- _INSTRUCTIONS TO FOLLOW_:
Beneath this instruction is a block of data; output from it exactly the lines that run from the one containing "NetC11_1: C11.1 D4.2(A) D6.1(K) R9.2" through the one containing "Any; PartNumber: PMP22899", inclusive.

-- Opening Marker --

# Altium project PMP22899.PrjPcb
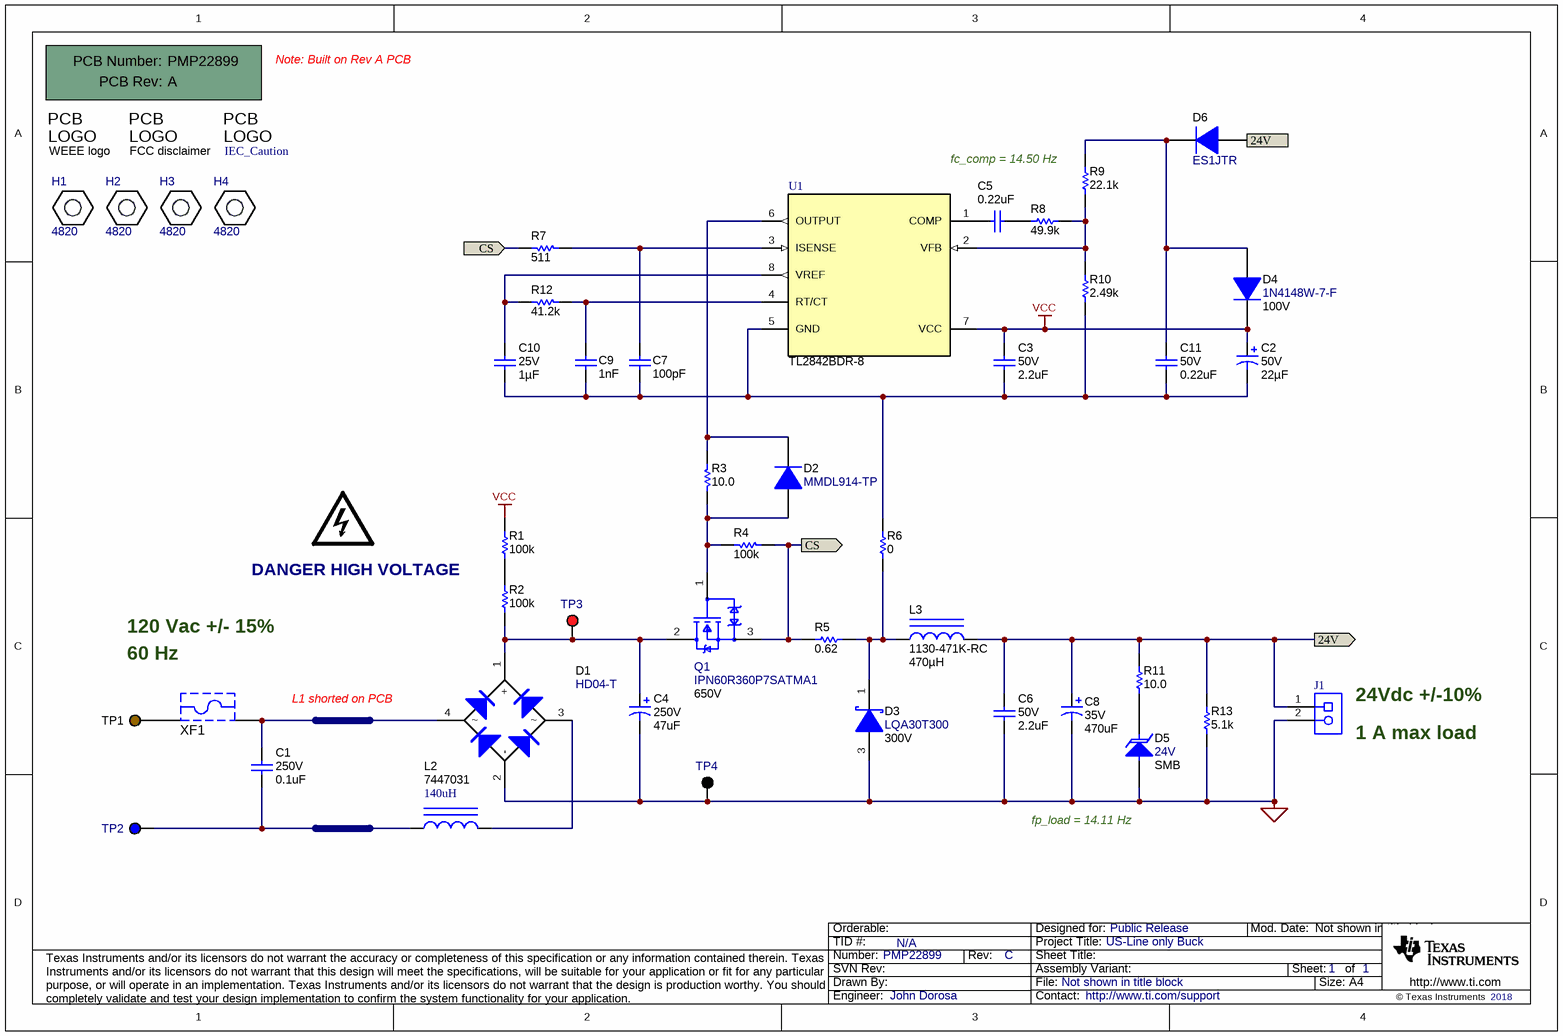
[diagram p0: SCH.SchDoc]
TID: N/A; TechSupport: http://www.ti.com/support; SCH_Rev: C; PRJ_Title: US-Line only Buck; PRJ_Number: PMP22899; PRJ_Engineer: John Dorosa; PRJ_Customer: Public Release; PCB_Rev: A; PCB_Layout: John Dorosa; CopyrightYear: 2018
1 sheet, 49 parts. Net scope: flat (ports and power ports of the same name join across sheets).
Board file: PCB.PcbDoc

## Sheet SCH.SchDoc
size A4; Date: Not shown in title block; ApprovedBy: Not shown in title block; CheckedBy: Not shown in title block; Author: Not shown in title block; CompanyName: Not shown in title block; Engineer: Not shown in title block; Organization: Not shown in title block; Address1: Not shown in title block; Address2: Not shown in title block; Address3: Not shown in title block; Address4: Not shown in title block; DocumentNumber: 1; Revision: Use project parameter SCH_Rev; SheetNumber: 1; SheetTotal: 1; PageSetup: Record=PageOptions¦CenterHorizontal=True¦CenterVertical=True¦PrintScale=1.00¦XCorrection=1.00¦YCorrection=1.00¦PrintKind=0¦BorderSize=5000000¦LeftOffset=0¦BottomOffset=0¦Orientation=2¦PaperLength=1000¦PaperWidth=1000¦Scale=100¦PaperSource=15¦PrintQuality=600¦MediaType=1¦DitherType=10¦PaperKind=Letter¦PrintScaleMode=1

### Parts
!PCB1  Printed Circuit Board  (value not drawn)  (mechanical)
C1  VDC_V: 250V  ValueDisplayed: 0.1uF  [B32529_450x950x730]  (hidden comment: B32529C3104K)
C2  VDC_V: 50V  ValueDisplayed: 22µF  [UKL_630x1100]  (hidden comment: UKL1H220KEDANA)
C3  VDC_V: 50V  ValueDisplayed: 2.2uF  [1206_180]  (hidden comment: GRM31CR71H225KA88L)
C4  VDC_V: 250V  ValueDisplayed: 47uF  [CAPPR7.5-16x20]  (hidden comment: EEUED2E470S)
C5  ValueDisplayed: 0.22uF  [0603L]  (hidden comment: GRM188R71E224KA88D)
C6  VDC_V: 50V  ValueDisplayed: 2.2uF  [1206_180]  (hidden comment: GRM31CR71H225KA88L)
C7  ValueDisplayed: 100pF  [0402]  (hidden comment: GRM1555C1H101JA01D)
C8  VDC_V: 35V  ValueDisplayed: 470uF  [HW_1000x1600]  (hidden comment: UHW1V471MPD)
C9  Cap_F: 1nF  [0603L]  (hidden comment: GRM188R71E102KA01D)
C10  VDC_V: 25V  Cap_F: 1µF  [0603L]  (hidden comment: GRM188R71E105KA12D)
C11  VDC_V: 50V  ValueDisplayed: 0.22uF  [0603]  (hidden comment: GRM188R71H224KAC4D)
D1  HD04-T  [MiniDIP]
D2  MMDL914-TP  [SOD-323]
D3  LQA30T300  value 300V  [TO-220AC]
D4  1N4148W-7-F  value 100V  [SOD-123]
D5  value 24V  [SMB]  (hidden comment: SMBJ24A-13-F)
D6  ES1JTR  [SMA]
H1  4820  [KEYSTONE_4820]
H2  4820  [KEYSTONE_4820]
H3  4820  [KEYSTONE_4820]
H4  4820  [KEYSTONE_4820]
J1  691214110002  [Wurth_691214110002]  (value not drawn)
L2  7447031  ValueDisplayed: 140uH  [WE-FI_1350x700]
L3  1130-471K-RC  ValueDisplayed: 470µH  [1130-471K]
LOGO1  DANGER HIGH VOLTAGE  [IEC_HighVoltage_Small]  (no BOM)
Logo2  WEEE logo  [WEEE_Minimum]  (no BOM)
Logo3  FCC disclaimer  [FCC_disclaimer]  (no BOM)
Logo4  Lib Reference: IEC_Caution  [IEC_Caution_Small]  (hidden comment: CAUTION.  READ USER GUIDE BEFORE USE)  (no BOM)
Q1  IPN60R360P7SATMA1  VdsMax_V: 650V  [FP-IPN60R360P7SATMA1_SOT223-MFG]
R1  ValueDisplayed: 100k  [2512]  (hidden comment: CRCW2512100KJNEG)
R2  ValueDisplayed: 100k  [2512]  (hidden comment: CRCW2512100KJNEG)
R3  ValueDisplayed: 10.0  [0603]  (hidden comment: CRCW060310R0FKEA)
R4  ValueDisplayed: 100k  [0603]  (hidden comment: CRCW0603100KFKEA)
R5  ValueDisplayed: 0.62  [1206]  (hidden comment: CSR1206FTR620)
R6  ValueDisplayed: 0  [1206L]  (hidden comment: CRCW12060000Z0EA)
R7  ValueDisplayed: 511  [0402]  (hidden comment: CRCW0402511RFKED)
R8  ValueDisplayed: 49.9k  [0402]  (hidden comment: CRCW040249K9FKED)
R9  ValueDisplayed: 22.1k  [0402]  (hidden comment: CRCW040222K1FKED)
R10  ValueDisplayed: 2.49k  [0402]  (hidden comment: CRCW04022K49FKED)
R11  ValueDisplayed: 10.0  [1206]  (hidden comment: Resistor)
R12  ValueDisplayed: 41.2k  [0402]  (hidden comment: CRCW040241K2FKED)
R13  ValueDisplayed: 5.1k  [1206]  (hidden comment: Resistor)
TP1  5125  [Keystone5125]  (value not drawn)
TP2  5127  [Keystone5127]  (value not drawn)
TP3  5000  [Keystone5000]  (value not drawn)
TP4  5001  [Keystone5001]  (value not drawn)
U1  TL2842BDR-8  [D0008A_N]
XF1  56000001009  [FuseHolder_560000010]  (value not drawn)

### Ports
24V (in), 24V (out), CS (in), CS (out)

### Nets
GND: C4.2(-) C6.2 C8.2(-) D1.2(-) D3.3(K) D5.2(A) J1.2 R13.1 TP4.1
VCC: C2.1(+) C3.1 D4.1(K) R1.2 U1.7(VCC)
24V: C6.1 C8.1(+) D6.2(A) J1.1 L3.2 R11.2 R13.2 ; port 24V
CS: Q1.3(Source) R4.2 R5.1 R7.1 ; port CS
NetC1_1: C1.1 D1.4 XF1.2
NetC1_2: C1.2 L2.1 TP2.1
NetC2_2: C2.2(-) C3.2 C7.1 C9.2 C10.2 C11.2 R6.2 R10.1 U1.5(GND)
NetC4_1: C4.1(+) D1.1(+) Q1.2(Drain) R2.1 TP3.1
NetC5_1: C5.1 U1.1(COMP)
NetC5_2: C5.2 R8.1
NetC7_2: C7.2 R7.2 U1.3(ISENSE)
NetC9_1: C9.1 R12.1 U1.4(RT/CT)
NetC10_1: C10.1 R12.2 U1.8(VREF)
NetC11_1: C11.1 D4.2(A) D6.1(K) R9.2
NetD1_3: D1.3 L2.2
NetD2_1: D2.1(K) R3.2 U1.6(OUTPUT)
NetD2_2: D2.2(A) Q1.1(Gate) R3.1 R4.1
NetD3_1: D3.1(A) L3.1 R5.2 R6.1
NetD5_1: D5.1(K) R11.1
NetR1_1: R1.1 R2.2
NetR8_2: R8.2 R9.1 R10.2 U1.2(VFB)
NetTP1_1: TP1.1 XF1.1

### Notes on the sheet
- Note: Built on Rev A PCB
- (near R9) fc_comp = 14.50 Hz
- 120 Vac +/- 15%
- 60 Hz
- L1 shorted on PCB
- (near J1) 24Vdc +/-10%
- (near J1) 1 A max load
- fp_load = 14.11 Hz

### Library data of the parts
!PCB1 = CMP-0003618-2: Manufacturer: Any; PartNumber: PMP22899
C1 = CMP-0012332-3: CAP, Film, 0.1 uF, 250 V, +/- 10%, TH; Manufacturer: TDK; TaMin_C: -55°C; Polarized: N; SizeAreaWB_mm2: 60.45; Value1: Unknown; Value: 0.1uF; TaMax_C: 125°C; SizeZ_mm: 9.5; SizeX_mm: 7.3; SizeY_mm: 4.5; Cap_Case: 4.5x9.5x7.3mm; SizeArea_mm2: 32.85; Cap_F: 100nF; AEC Category: Q200
C2 = CMP-0080730-1: CAP, AL, 22 µF, 50 V, +/- 10%, TH; Manufacturer: Nichicon; SizeAreaWB_mm2: 68.89; SizeArea_mm2: 39.69; AEC Qualified: N; AEC Category: Q200; Value: 22uF; TaMax_C: 105°C; SizeZ_mm: 12; Polarized: Y; TaMin_C: -40°C; SizeY_mm: 6.3; U/M: EA; CompType: Capacitor; Cap_Case: 6.3x11mm
C3 C6 = CMP-0008968-2: CAP, CERM, 2.2 uF, 50 V, +/- 10%, X7R, 1206; Manufacturer: MuRata; TaMin_C: -55°C; Polarized: N; SizeAreaWB_mm2: 10.92; Value1: Unknown; U/M: EA; Value: 2.2uF; TaMax_C: 125°C; SizeZ_mm: 1.8; SizeX_mm: 3.2; SizeY_mm: 1.6; Cap_Case: 1206; SizeArea_mm2: 5.12; Cap_F: 2.2µF; AEC Category: Q200
C4 = CMP-0010021-3: CAP, AL, 47 uF, 250 V, +/- 20%, 0.380955 ohm, TH; Manufacturer: Panasonic; TaMin_C: -25°C; Polarized: Y; SizeAreaWB_mm2: 324; U/M: EA; Value: 47uF; TaMax_C: 105°C; SizeZ_mm: 20; SizeX_mm: 16; AC_Derating: 0.3; SizeArea_mm2: 256; CompType: Capacitor; Cap_F: 47µF; IRMS_A: 990mA; AEC Category: Q200
C5 = CMP-0007415-4: CAP, CERM, 0.22 uF, 25 V, +/- 10%, X7R, 0603; Manufacturer: MuRata; TaMin_C: -55°C; Polarized: N; SizeAreaWB_mm2: 4.68; Value1: Unknown; U/M: EA; Value: 0.22uF; TaMax_C: 125°C; SizeZ_mm: 1; SizeX_mm: 1.6; SizeY_mm: 0.8; Cap_Case: 0603; Value2: 25V; SizeArea_mm2: 1.28; Cap_F: 220nF; AEC Category: Q200
C7 = CMP-0006410-2: CAP, CERM, 100 pF, 50 V, +/- 5%, C0G/NP0, 0402; Manufacturer: MuRata; TaMin_C: -55°C; Polarized: N; SizeAreaWB_mm2: 3; Value1: Unknown; U/M: EA; Value: 100pF; TaMax_C: 125°C; SizeZ_mm: 0.6; SizeX_mm: 1; SizeY_mm: 0.5; Value2: 50V; AEC Category: Q200
C8 = CMP-0010541-2: CAP, AL, 470 uF, 35 V, +/- 20%, 0.03 ohm, TH; Manufacturer: Nichicon; TaMin_C: -40°C; ESR_ohm: 0.03; Polarized: Y; SizeAreaWB_mm2: 144; U/M: EA; Value: 470uF; TaMax_C: 105°C; SizeZ_mm: 17.5; SizeX_mm: 10; Cap_Case: 10x16mm; SizeArea_mm2: 100; CompType: Capacitor; AEC Qualified: N; Cap_F: 470µF; IRMS_A: 2A; AEC Category: Q200
C9 = CMP-0007402-5: CAP, CERM, 1000 pF, 25 V, +/- 10%, X7R, 0603; Manufacturer: MuRata; Value1: Unknown; VDC_V: 25V; TaMax_C: 125°C; Polarized: N; SizeArea_mm2: 1.28; Cap_Case: 0603; AEC Category: Q200; Value: 1000pF; TaMin_C: -55°C; SizeX_mm: 1.6; U/M: EA; MFG_Status: TI_Obsolete; SizeZ_mm: 1; SizeAreaWB_mm2: 4.68; SizeY_mm: 0.8
C10 = CMP-0007405-5: CAP, CERM, 1 uF, 25 V, +/- 10%, X7R, 0603; Manufacturer: MuRata; Cap_Case: 0603; AEC Category: Q200; Value: 1uF; SizeX_mm: 1.6; U/M: EA; Value1: Unknown; SizeAreaWB_mm2: 4.68; SizeY_mm: 0.8; TaMin_C: -55°C; SizeZ_mm: 1; Polarized: N; MFG_Status: TI_Obsolete; TaMax_C: 125°C; SizeArea_mm2: 1.28
C11 = CMP-0007445-4: CAP, CERM, 0.22 uF, 50 V, +/- 10%, X7R, 0603; Manufacturer: MuRata; TaMin_C: -55°C; Polarized: N; SizeAreaWB_mm2: 4.68; Value1: Unknown; U/M: EA; Value: 0.22uF; TaMax_C: 125°C; SizeZ_mm: 1; SizeX_mm: 1.6; SizeY_mm: 0.8; SizeArea_mm2: 1.28; Cap_F: 220nF; AEC Category: Q200
D1 = CMP-0029217-3: Diode, Switching-Bridge, 400 V, 0.8 A, MiniDIP; Manufacturer: Diodes Inc.; SizeZ_mm: 3; Value1: 0.8A; AEC Category: Q101; Vf_V: 1V; Green_REACh: Passed; TJmax_C: 150°C; SizeArea_mm2: 34.3; SizeX_mm: 7; SizeY_mm: 4.9; Vr_V: 400V; Green_Lifecycle: Active; Value: 400V; Io_A: 800mA; SizeAreaWB_mm2: 62.1
D2 = CMP-0029045-2: Diode, Switching, 100 V, 0.2 A, SOD-323; Manufacturer: Micro Commercial Components; Value: 100V; TJmax_C: 150°C; Vf_V: 1V; Value1: 0.2A; SizeArea_mm2: 3.645; SizeZ_mm: 1; Green_Lifecycle: Not Set; SizeY_mm: 1.35; Green_REACh: Incomplete; SizeAreaWB_mm2: 8.695; SizeX_mm: 2.7; Io_A: 200mA; AEC Category: Q101
D3 = CMP-0028844-2: Diode, Schottky, 300 V, 30 A, TH; Manufacturer: Power Integrations; Green_Lifecycle: Not Set; SizeX_mm: 10.15; AEC Category: Q101; Green_REACh: Incomplete; TJmax_C: 150°C; SizeY_mm: 4.5; Io_A: 30A; AEC Qualified: N; Value2: 1.95V; SizeZ_mm: 23; SizeArea_mm2: 45.675; RJC_CperW: 1.1; SizeAreaWB_mm2: 78.975
D4 = CMP-0029001-2: Diode, Ultrafast, 100 V, 0.15 A, SOD-123; Manufacturer: Diodes Inc.; SizeX_mm: 3.85; Value2: 1.25V; Green_REACh: Passed; TJmax_C: 150°C; AEC Category: Q101; SizeAreaWB_mm2: 13.095; Green_Lifecycle: Active; SizeY_mm: 1.7; Value1: 0.15A; SizeArea_mm2: 6.545; Io_A: 150mA; SizeZ_mm: 1.35
D5 = CMP-0005557-4: Diode, TVS, Uni, 24 V, 38.9 Vc, SMB; Manufacturer: Diodes Inc.; Value1: 600W; SizeArea_mm2: 21.336; Vbr_Max: 30.7V; SizeY_mm: 3.81; Vbr_Min: 26.7V; SizeX_mm: 5.6; SizeAreaWB_mm2: 44.156; Vc: 38.9V; SizeZ_mm: 2.6; Ipp: 15.4A; AEC Category: Q101
D6 = CMP-0067545-2: Diode, Superfast Rectifier, 600 V, 1 A, SMA; Manufacturer: SMC Diode Solutions; SizeZ_mm: 2.87; Io_A: 1A; SizeY_mm: 2.92; SizeAreaWB_mm2: 37.3428; Value: 600V; SizeX_mm: 5.59; SizeArea_mm2: 16.3228; Value2: 1.7V; AEC Qualified: N; TJmax_C: 150°C; AEC Category: Q101; RJC_CperW: 35.0
H1-H4 = CMP-0003652-1: Manufacturer: Keystone; CompType: Standoff
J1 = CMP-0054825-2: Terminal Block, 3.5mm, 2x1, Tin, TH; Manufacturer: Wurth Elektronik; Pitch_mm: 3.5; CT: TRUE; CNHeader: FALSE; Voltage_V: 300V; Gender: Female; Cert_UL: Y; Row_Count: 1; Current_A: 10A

-- Closing Marker --

- _EXPECTED ANSWER_:
NetC11_1: C11.1 D4.2(A) D6.1(K) R9.2
NetD1_3: D1.3 L2.2
NetD2_1: D2.1(K) R3.2 U1.6(OUTPUT)
NetD2_2: D2.2(A) Q1.1(Gate) R3.1 R4.1
NetD3_1: D3.1(A) L3.1 R5.2 R6.1
NetD5_1: D5.1(K) R11.1
NetR1_1: R1.1 R2.2
NetR8_2: R8.2 R9.1 R10.2 U1.2(VFB)
NetTP1_1: TP1.1 XF1.1

### Notes on the sheet
- Note: Built on Rev A PCB
- (near R9) fc_comp = 14.50 Hz
- 120 Vac +/- 15%
- 60 Hz
- L1 shorted on PCB
- (near J1) 24Vdc +/-10%
- (near J1) 1 A max load
- fp_load = 14.11 Hz

### Library data of the parts
!PCB1 = CMP-0003618-2: Manufacturer: Any; PartNumber: PMP22899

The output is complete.